For example, if a person were to win the lottery tomorrow, the character traits they had forged throughout their life would be being put to the test on a massive ethical quandary in such a way that the main character traits that person would be known for is at this social level of description of do they have the ware with all to navigate that road well.


*What Constitutes Right And Wrong?*​


> Because human beings are complex, their flourishing takes complex forms: we can flourish intellectually – hence, the “intellectual virtues” (both practical and theoretical); we can flourish as builders and makers and artists – hence, the “virtues of craft” – and we can flourish in terms of our non-technical, social and civic activities – hence, the “moral” virtues. [1]



Now, if you're a consequentialist, you can simply relate to this philosophy as through pursuing your own happy flourishing, either the goals are related to other people or it's more easily achieved by helping others, so we have an obligation to be altruistic and achieve a global calculus of happy flourishing.

But, I would simply appeal to what is good for any one person being more complicated than an external calculation of ends:



> Virtues and therefore morality can only make sense in the context of a practice: they require a shared end, shared rules, and shared standards of evaluation. The virtues also define the relationships among those who share a practice: “….the virtues are those goods by reference to which, whether we like it or not, we define our relationships to those other people with whom we share the kind of purposes and standards which inform practices” (_After Virtue_ 191). We must have the virtues if we are to have healthy practices and healthy communities. [2]



So, if how a person was raised to understand virtue is primarily respecting the shared rule that the dignity of a person must not be violated then, in so far as practicing that virtue is meaningful to that person, it will bring that person happy flourishing.



> It goes beyond the contractarian view in its starting point, a basic wonder at living beings, and a wish for their flourishing and for a world in which creatures of many types flourish. It goes beyond the intuitive starting point of utilitarianism because it takes an interest not just in pleasure and pain [and interests], but in complex forms of life. It wants to see each thing flourish as the sort of thing it is. . .[and] that the dignity of living organisms not be violated. [3]




*Scaffolding*​
There are many guide sticks we can use, like narratives of character virtue exemplars who each are near perfect exhibitions of what it means to hold character virtues like wisdom, courage or compassion.

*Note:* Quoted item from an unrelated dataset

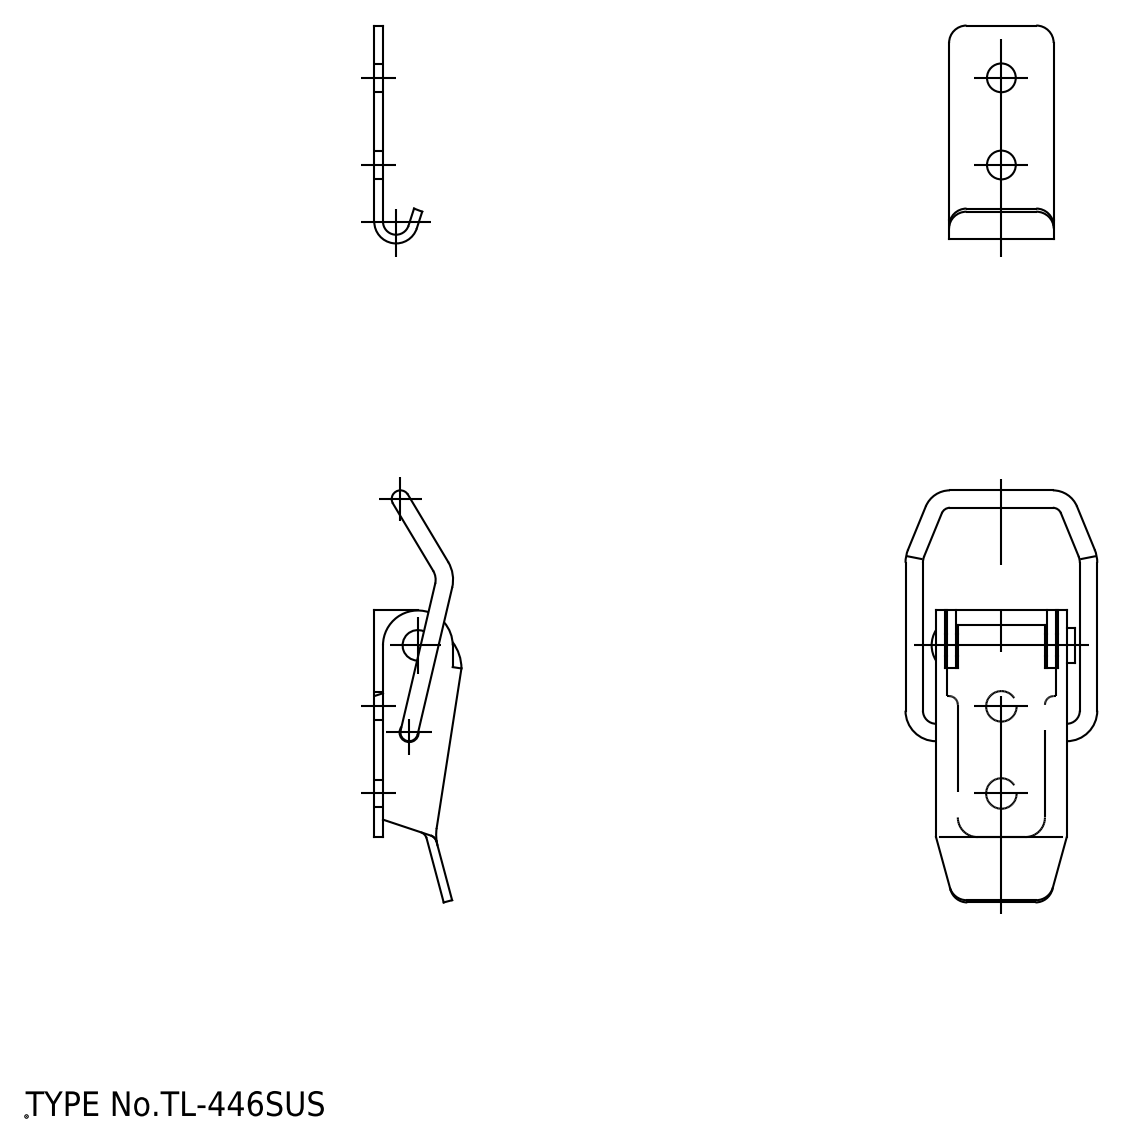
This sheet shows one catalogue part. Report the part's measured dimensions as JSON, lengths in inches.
{"part_name": "ベース; レバー; アーム; TL_446SUS_K", "step_written_by": "spGate 20.6.3 (****-****-****-****) (AUTOMOTIVE_DESIGN)", "units": "inches", "bodies": {"solids": 4, "faces": 125, "planar": 49, "cylindrical": 59, "other": 17}, "overall_size": [2.697, 0.866, 0.398], "volume_in3": 0.112, "surface_area_in2": 6.229, "round_holes": [[0.138, 3], [0.13, 2], [0.087, 1]], "round_bosses_or_shafts": [[0.079, 5], [0.157, 1], [0.098, 1]], "partial_cylinders_radius": [[0.039, 8], [0.079, 6], [0.089, 2], [0.157, 2], [0.02, 1], [0.059, 1], [0.098, 1], [0.118, 1]], "face_to_face_distances": [0.039, 0.551, 0.049, 0.502, 0.591, 0.512, 0.492, 0.453, 0.541, 0.089], "hole_center_spacings": [0.394, 1.575, 0.396, 1.181, 1.969]}

One way I predict this philosophy will be best assimilated by the most amount of people is in scaffolding up one's ethical biases from the individual, to the community to internationally. So acknowledging how each social layer will ask of the individual a different role. [4]


*The Individual*​
So, starting with conceptualising the individual in near solitude, living very rurally, we can say that by the way this person has chosen to live and so in turn how they would like to interact with other people is with a respect for the fact that what matters to this person is a bias for consequential ends like negative liberties (the absence of obstacles, barriers or constraints*) *before any shared principle or means of acting.

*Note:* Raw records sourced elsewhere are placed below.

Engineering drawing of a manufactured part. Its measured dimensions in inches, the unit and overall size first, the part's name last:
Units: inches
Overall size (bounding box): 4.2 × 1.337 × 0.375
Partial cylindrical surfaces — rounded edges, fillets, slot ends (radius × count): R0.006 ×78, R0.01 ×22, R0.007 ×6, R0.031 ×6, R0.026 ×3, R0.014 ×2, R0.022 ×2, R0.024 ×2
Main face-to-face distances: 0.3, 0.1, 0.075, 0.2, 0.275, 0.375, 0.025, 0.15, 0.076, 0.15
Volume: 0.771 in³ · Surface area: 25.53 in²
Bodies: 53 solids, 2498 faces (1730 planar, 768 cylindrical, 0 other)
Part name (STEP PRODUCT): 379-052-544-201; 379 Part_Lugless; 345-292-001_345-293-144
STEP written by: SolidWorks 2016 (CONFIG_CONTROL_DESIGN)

Now scaling that up to every individual in the world, we can acknowledge we all have a bit of that person in us, and so depending on what age a person lives through, for example how much peace there is in the world, we can say increasing negative liberties like not having to be conscripted into war is an ethical good to work towards as a society. Similarly almost universally good actions throughout time like the negative liberty to happen to be gay and want to kiss your boyfriend in public or Emma Goldman's sentiment 'it's not my revolution unless I can fail at dancing to it's rhythm'. [5][6]


*The Community*​
Next we can think of the ethical practices of a community and how an individuals negative liberty puts a healthy limit on what kind of communitarian principles we develop. For example, we can imagine the principle that what it means to be a good member of the community is working till we drop to maximize the wellbeing of future generations. This neither works in practice because of people's need to balance work with leisure in order to have a healthy head space to create and do great work, nor in theory, because people desire to hold onto their negative liberties.

So we may not have Kantian obligations which are truths of reason, but for certain there is the intuitional: [7]



> I very much like WD Ross's theory of prima facie duties. Where any felt obligation is a prima facie duty, however it can be overridden depending on the circumstances by another one, however that does not mean that the original obligation disappears, it simply means that its defeasible and it usually continues to operate in the background.
> So if I have an obligation to meet you for lunch and on the way to driving to meet you I go pass a car accident and I have to decide whether to save the person inside or meet you for lunch, I'm going to say that the duty to save the person in the car is overriding, but I'm still going to try to make it up to you, I'm going to apologize, I may buy you the lunch next time as a way of making it up to you which shows that the initial obligation still operates in the background even though it was overridden.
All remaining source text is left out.